How does ForecastingEnsembles automatically build the most accurate models?

The ForecastingEnsembles package automatically builds 17 models from the time series data below). The function automatically does all of the following:

• Automatically determines the features for the data set

• Automatically creates season plots

• Automatically creates lag plots

• Automatically creates baseline forecasts (which can be difficult to beat in some situations!)

• Automatically plots the value of the time series (such as the number of employees each month)

• Automatically plots individual periods

• Automatically plots subseasons

• Automatically plots multiple lags

• Automatically plots the value (such as the number of employees per month)

• Automatically creates a table of the head and tail of the time series data

• Automatically plots the value vs the seasonally adjusted value

• Automatically plots the value vs the trend

• Automatically plots the decomposition of the value

• Automatically plots the anomalies in the time series

• Splits the time series into train and test sets, using the values given by the user.

Example: Bureau of Labor Statistics, All Nonfarm Employees from January, 2015 through October, 2024

(The original data may be downloaded as a CSV file here: https://data.bls.gov/dataViewer/view/timeseries/CES0000000001 and then converted to a tsibble for use in a time series).

This data set in the ForecastingEnsembles package is the number of non-farm employees in the United States, by month, from January, 2015 through October, 2024.

tl::dr How the time series data is set up (as two columns of data)

In the Forecasting function, time_series_data is a time series data set. It must be set up as can be seen in this example. The time must be labeled Period, and include a year and value. For example, 2015 Jan for monthly data, 2015 Q1 for quarterly data, or 2015 W1 for weekly data. The Value must be an integer, and Value must be a capital letter No other columns are needed.

How the time series needs to be set up to work with ForecastingEnsembles
How the time series needs to be set up to work with ForecastingEnsembles

The time_interval can be W (for weekly), M (for monthly) or Q (for quarterly)

Data may be imported to use for analysis.

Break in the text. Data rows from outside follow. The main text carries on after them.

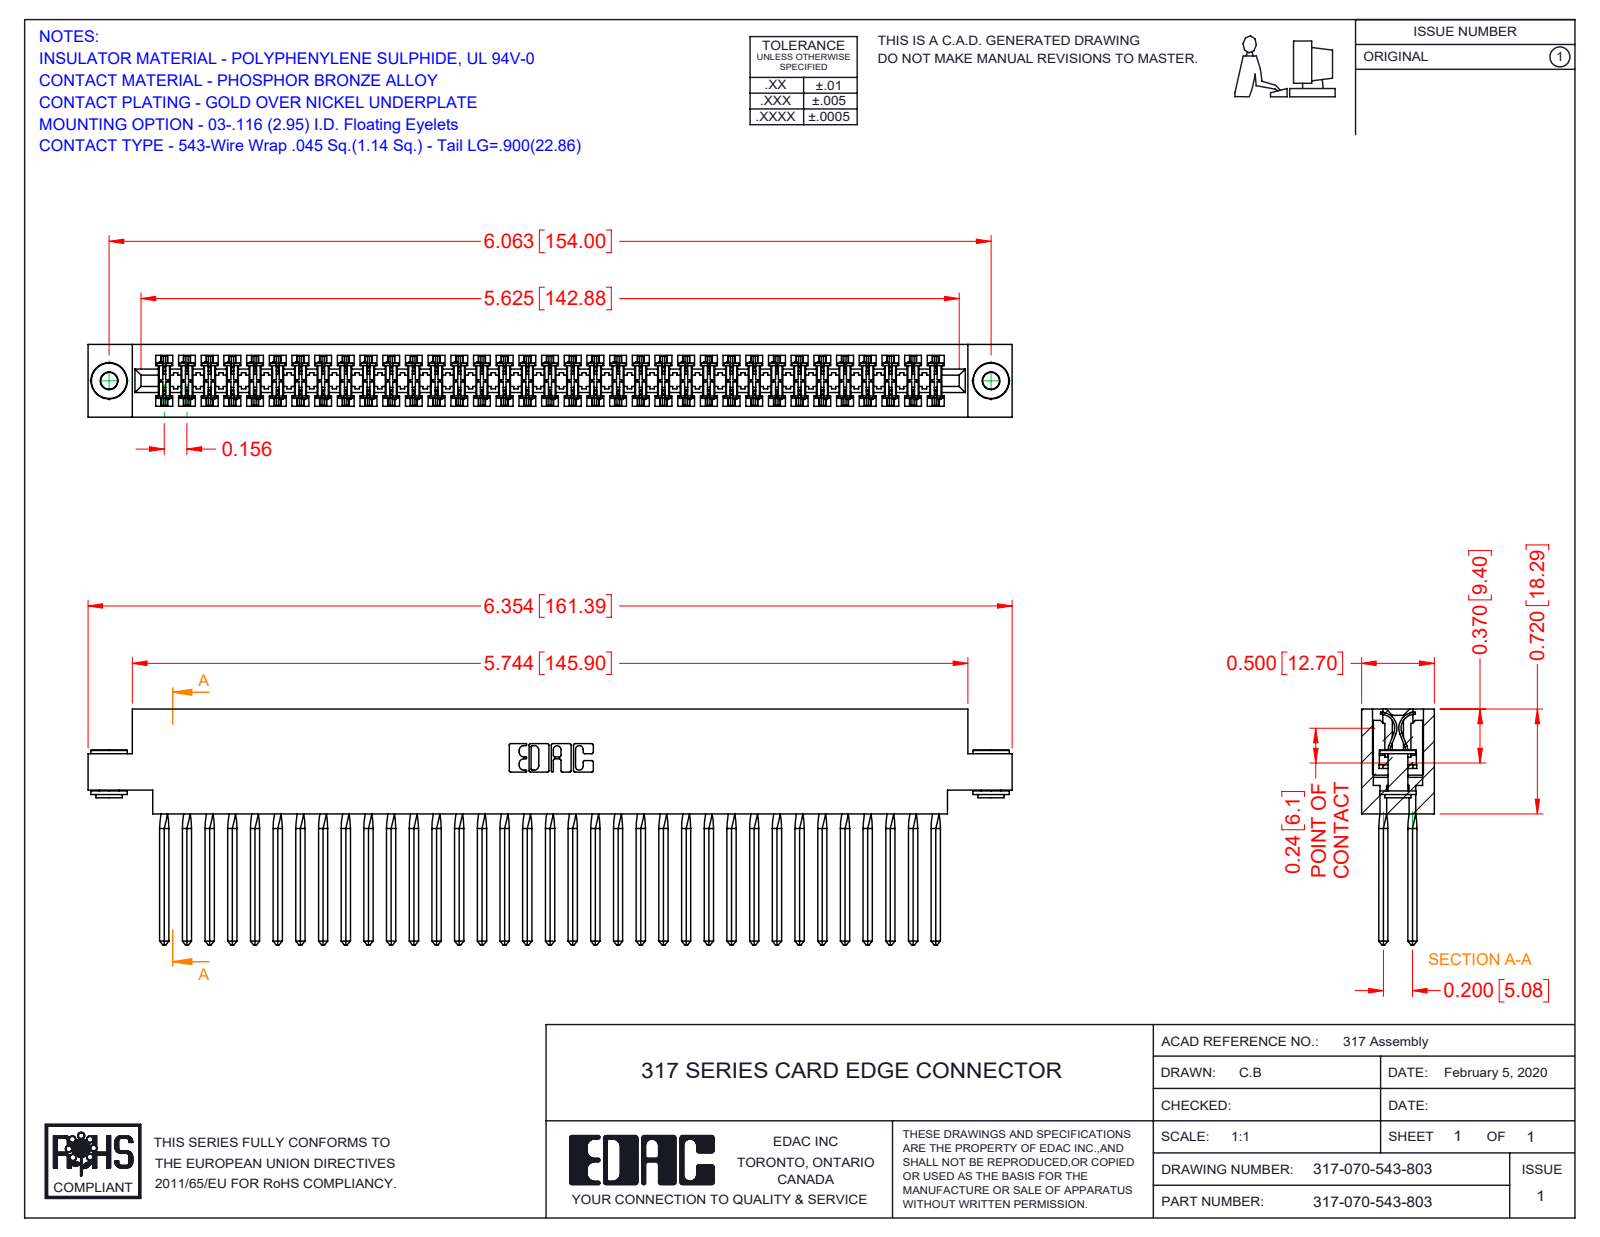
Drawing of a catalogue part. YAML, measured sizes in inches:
part_name: "345-250-002_345-250-002-102; 317 Part_.156 Dia - TH; 317-070-543-803; 317-290-001_543"
step_written_by: "SolidWorks 2016 (CONFIG_CONTROL_DESIGN)"
units: inches
bodies: {solids: 73, faces: 6370, planar: 5178, cylindrical: 904, other: 288}
overall_size: [6.354, 1.62, 0.5]
volume: 1.661
surface_area: 63.9
round_holes:
  - {diameter: 0.116, count: 2}
  - {diameter: 0.156, count: 2}
round_bosses_or_shafts:
  - {diameter: 0.25, count: 2}
  - {diameter: 0.18, count: 2}
  - {diameter: 0.136, count: 2}
partial_cylinders:
  - {radius: 0.015, count: 140}
  - {radius: 0.01, count: 22}
  - {radius: 0.007, count: 6}
  - {radius: 0.031, count: 6}
  - {radius: 0.026, count: 3}
  - {radius: 0.095, count: 2}
  - {radius: 0.1, count: 2}
  - {radius: 0.11, count: 2}
face_to_face_distances: [0.5, 0.075, 0.425, 0.35, 0.11, 0.195, 0.094, 0.2, 0.115, 0.131]
hole_center_spacings: [6.063]

The one chunk of code needed to automatically run the entire analysis

library(ForecastingEnsembles)

Forecasting(time_series_data = Oct_2024_all_nonfarm, train_amount = 0.60, number_of_intervals_to_forecast = 3, train_amount = 0.60, use_parallel = "Y", time_interval = "M")

When we run the function with this origianl data, the results in the Features table show the data is not stationary! The way this can be seen is in the Time Series Features table. It clearly shows Ndiffs = 1.0000, which means that we need to take 1 difference to make the data stationary.

Features shows the time series is NOT stationary, Ndiffs ≠0!
Features shows the time series is NOT stationary, Ndiffs ≠0!

Note that the features are extremely important to conducting an accurate analysis. According to the book, Forecasting Principles and Practice, it is best to use stationary data. Note that “stationary data is data which does not depend on the time at which the series is observed.” (https://otexts.com/fpp3/stationarity.html#stationarity).

The importance of starting with stationary data is described in Forecasting Principles and Practice:

An important consideration when estimating a regression with ARMA errors is that all of the variables in the model must first be stationary. Thus, we first have to check that yt and all of the predictors (x1,t,…,xk,t) appear to be stationary. If we estimate the model when any of these are non-stationary, the estimated coefficients will not be consistent estimates (and therefore may not be meaningful).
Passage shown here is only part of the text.